## What you have to do
Leaving out the images, repeat all the lines below exactly.

## Extracted records
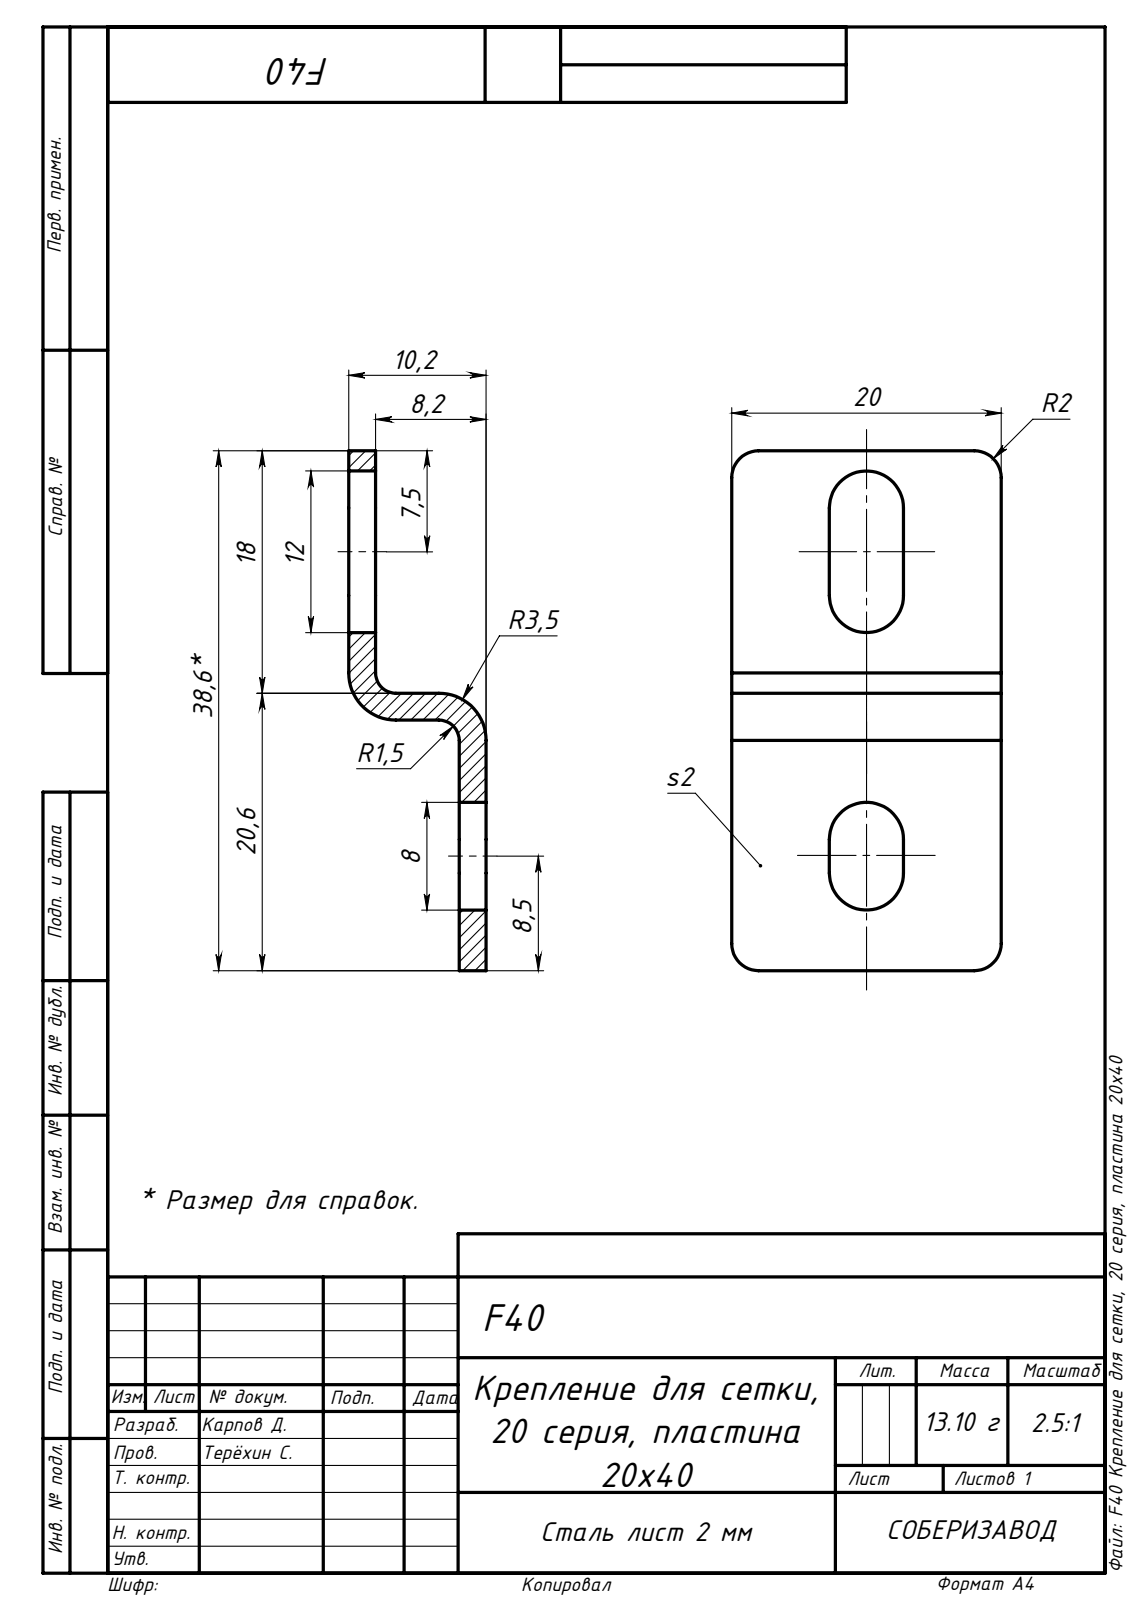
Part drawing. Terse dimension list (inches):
name: F40 Крепление для сетки, 20 серия, пластина 20х40
written by: SolidWorks 2019 (AUTOMOTIVE_DESIGN)
unit: in
bodies: 1 solid, 36 faces (22 planar, 14 cylindrical, 0 other)
size: 1.52 × 0.787 × 0.402
volume: 0.097 in³; area: 3.01 in²
rounds: 4× R0.079, 4× R0.108, 2× R0.059, 2× R0.138
face distances: 0.079, 0.323, 0.244, 0.402, 0.787, 0.285, 0.502, 0.732, 0.811, 1.52

## Answer below
Part drawing. Terse dimension list (inches):
name: F40 Крепление для сетки, 20 серия, пластина 20х40
written by: SolidWorks 2019 (AUTOMOTIVE_DESIGN)
unit: in
bodies: 1 solid, 36 faces (22 planar, 14 cylindrical, 0 other)
size: 1.52 × 0.787 × 0.402
volume: 0.097 in³; area: 3.01 in²
rounds: 4× R0.079, 4× R0.108, 2× R0.059, 2× R0.138
face distances: 0.079, 0.323, 0.244, 0.402, 0.787, 0.285, 0.502, 0.732, 0.811, 1.52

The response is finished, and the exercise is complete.